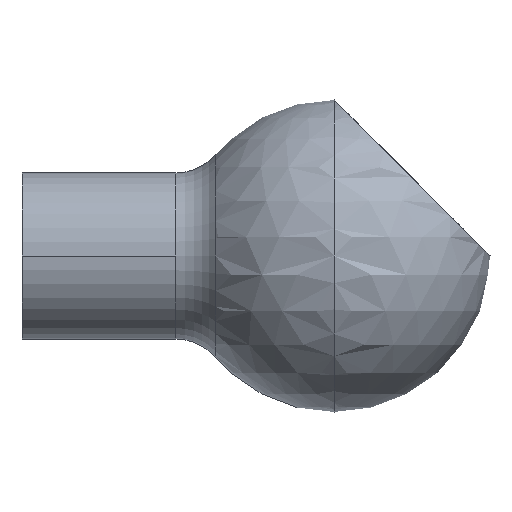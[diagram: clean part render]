
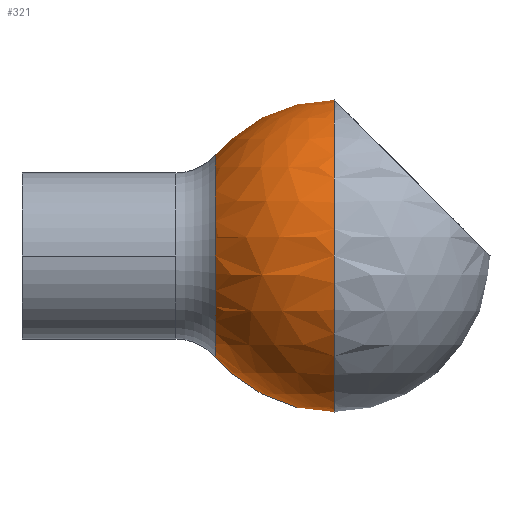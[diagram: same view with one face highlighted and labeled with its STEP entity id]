
A CAD part, left-side view. The second image highlights one B-rep face of the part: STEP entity #321.
In plain terms, the highlighted spherical face has radius 15 mm.
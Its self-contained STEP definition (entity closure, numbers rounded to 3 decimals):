
#167 = EDGE_CURVE( '', #287, #175, #441, .T. );
#173 = EDGE_CURVE( '', #257, #215, #447, .T. );
#175 = VERTEX_POINT( '', #449 );
#197 = VERTEX_POINT( '', #473 );
#199 = VERTEX_POINT( '', #475 );
#207 = VERTEX_POINT( '', #484 );
#209 = EDGE_CURVE( '', #175, #207, #486, .T. );
#211 = EDGE_CURVE( '', #215, #199, #488, .T. );
#215 = VERTEX_POINT( '', #493 );
#243 = EDGE_CURVE( '', #197, #257, #525, .T. );
#257 = VERTEX_POINT( '', #542 );
#259 = EDGE_CURVE( '', #207, #197, #544, .T. );
#287 = VERTEX_POINT( '', #575 );
#313 = EDGE_CURVE( '', #199, #363, #603, .T. );
#321 = ADVANCED_FACE( '', ( #611 ), #612, .T. );
#351 = EDGE_CURVE( '', #363, #287, #643, .T. );
#363 = VERTEX_POINT( '', #658 );
#441 = CIRCLE( '', #741, 15. );
#447 = CIRCLE( '', #749, 9.75 );
#449 = CARTESIAN_POINT( '', ( 0., -30., 15. ) );
#473 = CARTESIAN_POINT( '', ( 9., -30., -12. ) );
#475 = CARTESIAN_POINT( '', ( 0., -18.601, 9.75 ) );
#484 = CARTESIAN_POINT( '', ( 0., -30., -15. ) );
#486 = CIRCLE( '', #795, 15. );
#488 = CIRCLE( '', #798, 9.75 );
#493 = CARTESIAN_POINT( '', ( 0., -18.601, -9.75 ) );
#525 = CIRCLE( '', #844, 12. );
#542 = CARTESIAN_POINT( '', ( 9., -18.601, -3.75 ) );
#544 = CIRCLE( '', #866, 15. );
#575 = CARTESIAN_POINT( '', ( 9., -30., 12. ) );
#603 = CIRCLE( '', #966, 9.75 );
#611 = FACE_OUTER_BOUND( '', #975, .T. );
#612 = SPHERICAL_SURFACE( '', #976, 15. );
#643 = CIRCLE( '', #1022, 12. );
#658 = CARTESIAN_POINT( '', ( 9., -18.601, 3.75 ) );
#741 = AXIS2_PLACEMENT_3D( '', #1117, #1118, #1119 );
#749 = AXIS2_PLACEMENT_3D( '', #1123, #1124, #1125 );
#795 = AXIS2_PLACEMENT_3D( '', #1165, #1166, #1167 );
#798 = AXIS2_PLACEMENT_3D( '', #1168, #1169, #1170 );
#844 = AXIS2_PLACEMENT_3D( '', #1231, #1232, #1233 );
#866 = AXIS2_PLACEMENT_3D( '', #1263, #1264, #1265 );
#966 = AXIS2_PLACEMENT_3D( '', #1317, #1318, #1319 );
#975 = EDGE_LOOP( '', ( #1328, #1329, #1330, #1331, #1332, #1333, #1334, #1335 ) );
#976 = AXIS2_PLACEMENT_3D( '', #1336, #1337, #1338 );
#1022 = AXIS2_PLACEMENT_3D( '', #1375, #1376, #1377 );
#1117 = CARTESIAN_POINT( '', ( 0., -30., 0. ) );
#1118 = DIRECTION( '', ( 0., -1., 0. ) );
#1119 = DIRECTION( '', ( 0., 0., 1. ) );
#1123 = CARTESIAN_POINT( '', ( 0., -18.601, 0. ) );
#1124 = DIRECTION( '', ( 0., 1., 0. ) );
#1125 = DIRECTION( '', ( 0., 0., 1. ) );
#1165 = CARTESIAN_POINT( '', ( 0., -30., 0. ) );
#1166 = DIRECTION( '', ( 0., -1., 0. ) );
#1167 = DIRECTION( '', ( 0., 0., 1. ) );
#1168 = CARTESIAN_POINT( '', ( 0., -18.601, 0. ) );
#1169 = DIRECTION( '', ( 0., 1., 0. ) );
#1170 = DIRECTION( '', ( 0., 0., 1. ) );
#1231 = CARTESIAN_POINT( '', ( 9., -30., 0. ) );
#1232 = DIRECTION( '', ( 1., 0., 0. ) );
#1233 = DIRECTION( '', ( 0., 0., -1. ) );
#1263 = CARTESIAN_POINT( '', ( 0., -30., 0. ) );
#1264 = DIRECTION( '', ( 0., -1., 0. ) );
#1265 = DIRECTION( '', ( 0., 0., 1. ) );
#1317 = CARTESIAN_POINT( '', ( 0., -18.601, 0. ) );
#1318 = DIRECTION( '', ( 0., 1., 0. ) );
#1319 = DIRECTION( '', ( 0., 0., 1. ) );
#1328 = ORIENTED_EDGE( '', *, *, #209, .F. );
#1329 = ORIENTED_EDGE( '', *, *, #167, .F. );
#1330 = ORIENTED_EDGE( '', *, *, #351, .F. );
#1331 = ORIENTED_EDGE( '', *, *, #313, .F. );
#1332 = ORIENTED_EDGE( '', *, *, #211, .F. );
#1333 = ORIENTED_EDGE( '', *, *, #173, .F. );
#1334 = ORIENTED_EDGE( '', *, *, #243, .F. );
#1335 = ORIENTED_EDGE( '', *, *, #259, .F. );
#1336 = CARTESIAN_POINT( '', ( 0., -30., 0. ) );
#1337 = DIRECTION( '', ( 0., 0., 1. ) );
#1338 = DIRECTION( '', ( 1., 0., 0. ) );
#1375 = CARTESIAN_POINT( '', ( 9., -30., 0. ) );
#1376 = DIRECTION( '', ( 1., 0., 0. ) );
#1377 = DIRECTION( '', ( 0., 0., -1. ) );

**Problem**. Give every line above again exactly, with no pictures.

**Finished task**.
[diagram: clean part render]
[diagram: same view with one face highlighted and labeled with its STEP entity id]
A CAD part, left-side view. The second image highlights one B-rep face of the part: STEP entity #321.
In plain terms, the highlighted spherical face has radius 15 mm.
Its self-contained STEP definition (entity closure, numbers rounded to 3 decimals):
#167 = EDGE_CURVE( '', #287, #175, #441, .T. );
#173 = EDGE_CURVE( '', #257, #215, #447, .T. );
#175 = VERTEX_POINT( '', #449 );
#197 = VERTEX_POINT( '', #473 );
#199 = VERTEX_POINT( '', #475 );
#207 = VERTEX_POINT( '', #484 );
#209 = EDGE_CURVE( '', #175, #207, #486, .T. );
#211 = EDGE_CURVE( '', #215, #199, #488, .T. );
#215 = VERTEX_POINT( '', #493 );
#243 = EDGE_CURVE( '', #197, #257, #525, .T. );
#257 = VERTEX_POINT( '', #542 );
#259 = EDGE_CURVE( '', #207, #197, #544, .T. );
#287 = VERTEX_POINT( '', #575 );
#313 = EDGE_CURVE( '', #199, #363, #603, .T. );
#321 = ADVANCED_FACE( '', ( #611 ), #612, .T. );
#351 = EDGE_CURVE( '', #363, #287, #643, .T. );
#363 = VERTEX_POINT( '', #658 );
#441 = CIRCLE( '', #741, 15. );
#447 = CIRCLE( '', #749, 9.75 );
#449 = CARTESIAN_POINT( '', ( 0., -30., 15. ) );
#473 = CARTESIAN_POINT( '', ( 9., -30., -12. ) );
#475 = CARTESIAN_POINT( '', ( 0., -18.601, 9.75 ) );
#484 = CARTESIAN_POINT( '', ( 0., -30., -15. ) );
#486 = CIRCLE( '', #795, 15. );
#488 = CIRCLE( '', #798, 9.75 );
#493 = CARTESIAN_POINT( '', ( 0., -18.601, -9.75 ) );
#525 = CIRCLE( '', #844, 12. );
#542 = CARTESIAN_POINT( '', ( 9., -18.601, -3.75 ) );
#544 = CIRCLE( '', #866, 15. );
#575 = CARTESIAN_POINT( '', ( 9., -30., 12. ) );
#603 = CIRCLE( '', #966, 9.75 );
#611 = FACE_OUTER_BOUND( '', #975, .T. );
#612 = SPHERICAL_SURFACE( '', #976, 15. );
#643 = CIRCLE( '', #1022, 12. );
#658 = CARTESIAN_POINT( '', ( 9., -18.601, 3.75 ) );
#741 = AXIS2_PLACEMENT_3D( '', #1117, #1118, #1119 );
#749 = AXIS2_PLACEMENT_3D( '', #1123, #1124, #1125 );
#795 = AXIS2_PLACEMENT_3D( '', #1165, #1166, #1167 );
#798 = AXIS2_PLACEMENT_3D( '', #1168, #1169, #1170 );
#844 = AXIS2_PLACEMENT_3D( '', #1231, #1232, #1233 );
#866 = AXIS2_PLACEMENT_3D( '', #1263, #1264, #1265 );
#966 = AXIS2_PLACEMENT_3D( '', #1317, #1318, #1319 );
#975 = EDGE_LOOP( '', ( #1328, #1329, #1330, #1331, #1332, #1333, #1334, #1335 ) );
#976 = AXIS2_PLACEMENT_3D( '', #1336, #1337, #1338 );
#1022 = AXIS2_PLACEMENT_3D( '', #1375, #1376, #1377 );
#1117 = CARTESIAN_POINT( '', ( 0., -30., 0. ) );
#1118 = DIRECTION( '', ( 0., -1., 0. ) );
#1119 = DIRECTION( '', ( 0., 0., 1. ) );
#1123 = CARTESIAN_POINT( '', ( 0., -18.601, 0. ) );
#1124 = DIRECTION( '', ( 0., 1., 0. ) );
#1125 = DIRECTION( '', ( 0., 0., 1. ) );
#1165 = CARTESIAN_POINT( '', ( 0., -30., 0. ) );
#1166 = DIRECTION( '', ( 0., -1., 0. ) );
#1167 = DIRECTION( '', ( 0., 0., 1. ) );
#1168 = CARTESIAN_POINT( '', ( 0., -18.601, 0. ) );
#1169 = DIRECTION( '', ( 0., 1., 0. ) );
#1170 = DIRECTION( '', ( 0., 0., 1. ) );
#1231 = CARTESIAN_POINT( '', ( 9., -30., 0. ) );
#1232 = DIRECTION( '', ( 1., 0., 0. ) );
#1233 = DIRECTION( '', ( 0., 0., -1. ) );
#1263 = CARTESIAN_POINT( '', ( 0., -30., 0. ) );
#1264 = DIRECTION( '', ( 0., -1., 0. ) );
#1265 = DIRECTION( '', ( 0., 0., 1. ) );
#1317 = CARTESIAN_POINT( '', ( 0., -18.601, 0. ) );
#1318 = DIRECTION( '', ( 0., 1., 0. ) );
#1319 = DIRECTION( '', ( 0., 0., 1. ) );
#1328 = ORIENTED_EDGE( '', *, *, #209, .F. );
#1329 = ORIENTED_EDGE( '', *, *, #167, .F. );
#1330 = ORIENTED_EDGE( '', *, *, #351, .F. );
#1331 = ORIENTED_EDGE( '', *, *, #313, .F. );
#1332 = ORIENTED_EDGE( '', *, *, #211, .F. );
#1333 = ORIENTED_EDGE( '', *, *, #173, .F. );
#1334 = ORIENTED_EDGE( '', *, *, #243, .F. );
#1335 = ORIENTED_EDGE( '', *, *, #259, .F. );
#1336 = CARTESIAN_POINT( '', ( 0., -30., 0. ) );
#1337 = DIRECTION( '', ( 0., 0., 1. ) );
#1338 = DIRECTION( '', ( 1., 0., 0. ) );
#1375 = CARTESIAN_POINT( '', ( 9., -30., 0. ) );
#1376 = DIRECTION( '', ( 1., 0., 0. ) );
#1377 = DIRECTION( '', ( 0., 0., -1. ) );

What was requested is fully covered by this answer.